Position Purpose: Assist the VP of Clinical Programs to direct and coordinate the physician component of the utilization management functions for the health plan business units.
Provides medical leadership for utilization management activities and medical review activities pertaining to utilization review, quality assurance, medical review of complex, and controversial or experimental medical services such as transplants utilizing the services of consultants
Performs case reviews and appeals for all health plans.
Assists VP of Clinical Programs in planning, establishing goals and policies to improve quality and cost-effectiveness of care and service for members.
Provides medical expertise in the operation of approved quality improvement and utilization management programs in accordance with regulatory, state, corporate, and accreditation requirements.
Identifies utilization review studies and evaluates adverse trends in utilization of medical services, unusual provider practice patterns, and adequacy of benefit/payment components.
Identifies clinical quality improvement studies to assist in reducing unwarranted variation in clinical practice in order to improve the quality and cost of care.
Reviews claims involving complex, controversial, or unusual or new services in order to determine medical necessity and appropriate payment
Education/Experience: Requires a Medical Doctor or Doctor of Osteopathy, board certified preferably in a primary care specialty (Internal Medicine, Med/Peds, Family Practice, Pediatrics or Emergency Medicine) or other specialty familiar with Medicare patients. Previous experience within a managed care organization is preferred. Course work in the areas of Health Administration, Health Financing, Insurance, and/or Personnel Management is preferred. Experience treating or managing care for a culturally diverse population preferred. The candidate must be an actively practicing physician. More than 1 state license is preferred.
License/Certifications: Board Certification through American Board Medical Specialties. Board certification by the American Board of Psychiatry and Neurology. Adult and Child Psychiatry certifications highly preferred. Current state medical license without restrictions.
For formal consideration please click HERE to apply.

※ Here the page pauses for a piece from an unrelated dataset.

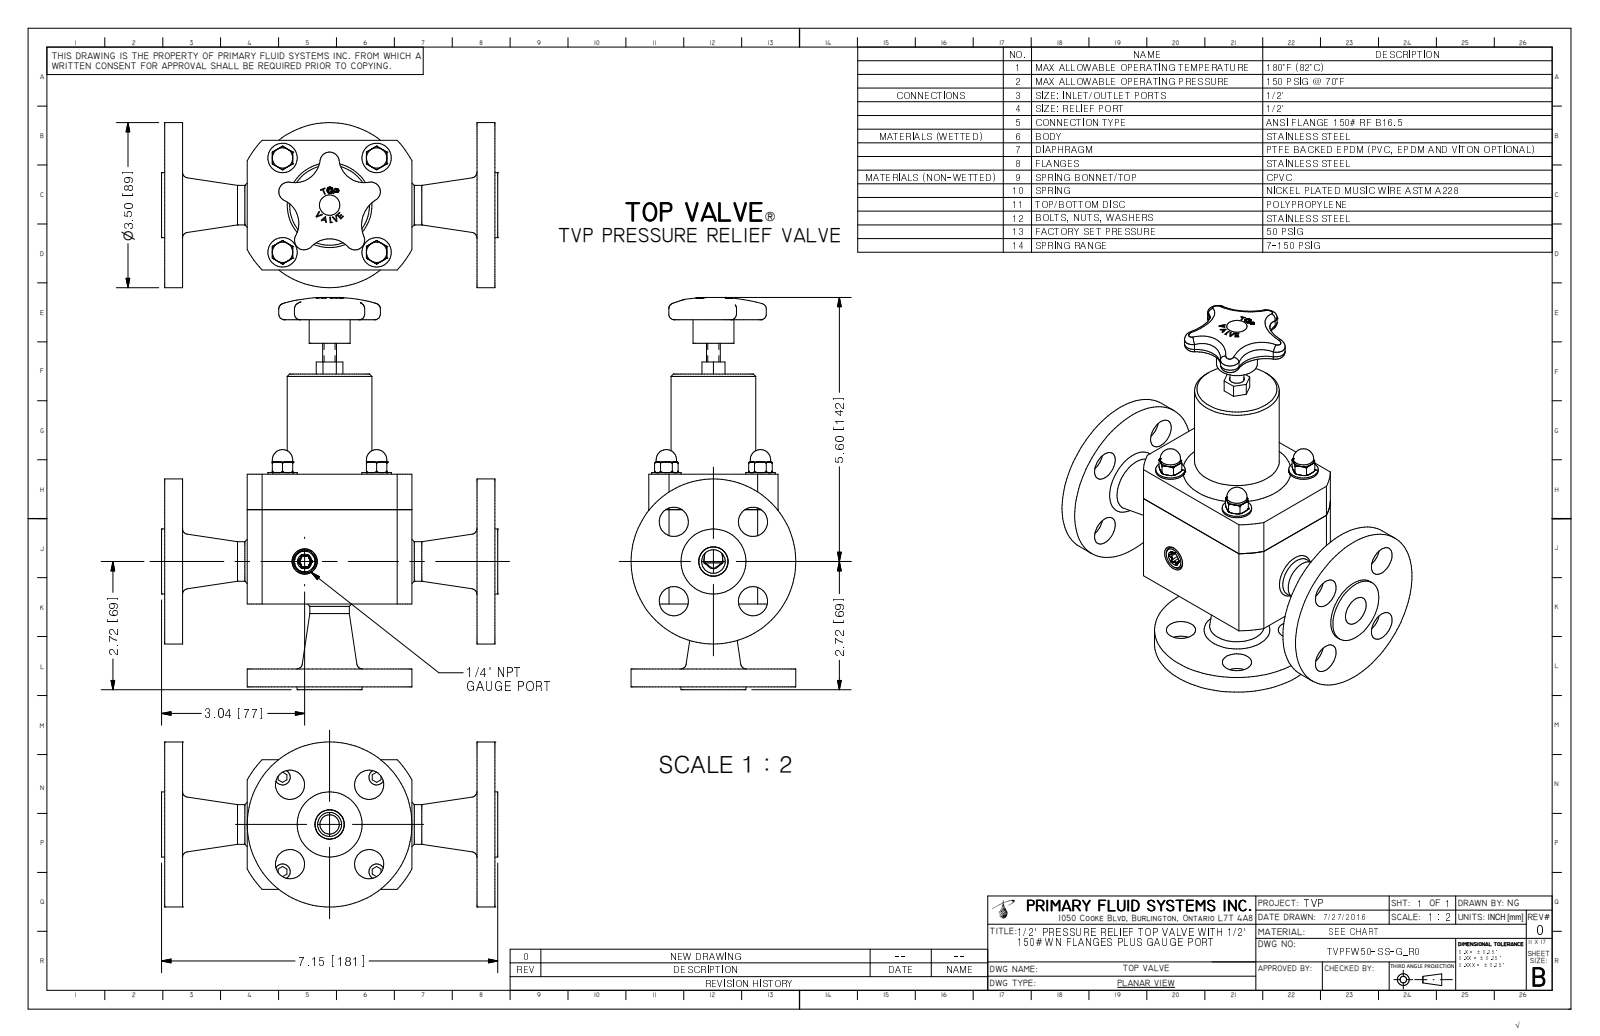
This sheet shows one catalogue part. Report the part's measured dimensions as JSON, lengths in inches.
{"part_name": "TVPFW50-SS-G_R0", "step_written_by": "Autodesk Inventor 2009 (AUTOMOTIVE_DESIGN)", "units": "inches", "bodies": {"solids": 1, "faces": 374, "planar": 140, "cylindrical": 71, "other": 163}, "overall_size": [8.319, 7.145, 3.5], "volume_in3": 44.21, "surface_area_in2": 168.3, "round_holes": [[0.62, 8], [0.175, 4], [0.622, 2], [2.4, 1]], "round_bosses_or_shafts": [[0.625, 4], [0.433, 4], [3.5, 2], [1.38, 2], [0.84, 2], [2.375, 1], [1.8, 1], [0.87, 1]], "partial_cylinders_radius": [[0.027, 6], [0.085, 5], [0.205, 5], [0.536, 4], [0.656, 4], [0.625, 1], [0.745, 1], [1.988, 1]], "face_to_face_distances": [0.38, 6.64, 2.75, 7.02, 1.757, 6.26, 1.377, 5.263, 4.883, 1.378], "hole_center_spacings": [1.19, 1.683, 1.848, 0.224, 1.414, 2, 2.38, 2.604]}

Centene is an equal opportunity employer that is committed to diversity, and values the ways in which we are different. All qualified applicants will receive consideration for employment without regard to race, color, religion, sex, sexual orientation, gender identity, national origin, disability, veteran status, or other characteristic protected by applicable law.
Internal Number: 1116204
About Peach State Health Plan
Centene Corporation, a Fortune 500 company, is a diversified, multi-national healthcare enterprise that provides a portfolio of services to government sponsored healthcare programs, focusing on under-insured and uninsured individuals. Many receive benefits provided under Medicaid, including the State Children's Health Insurance Program (CHIP), as well as Aged, Blind or Disabled (ABD), Foster Care and Long Term Care (LTC), in addition to other state-sponsored/hybrid programs, and Medicare (Special Needs Plans). The Company operates local health plans and offers a range of health insurance solutions. It also contracts with other healthcare and commercial organizations to provide specialty services including behavioral health management, care management software, correctional healthcare services, dental benefits management, in-home health services, life and health management, managed vision, pharmacy benefits management, specialty pharmacy and telehealth services.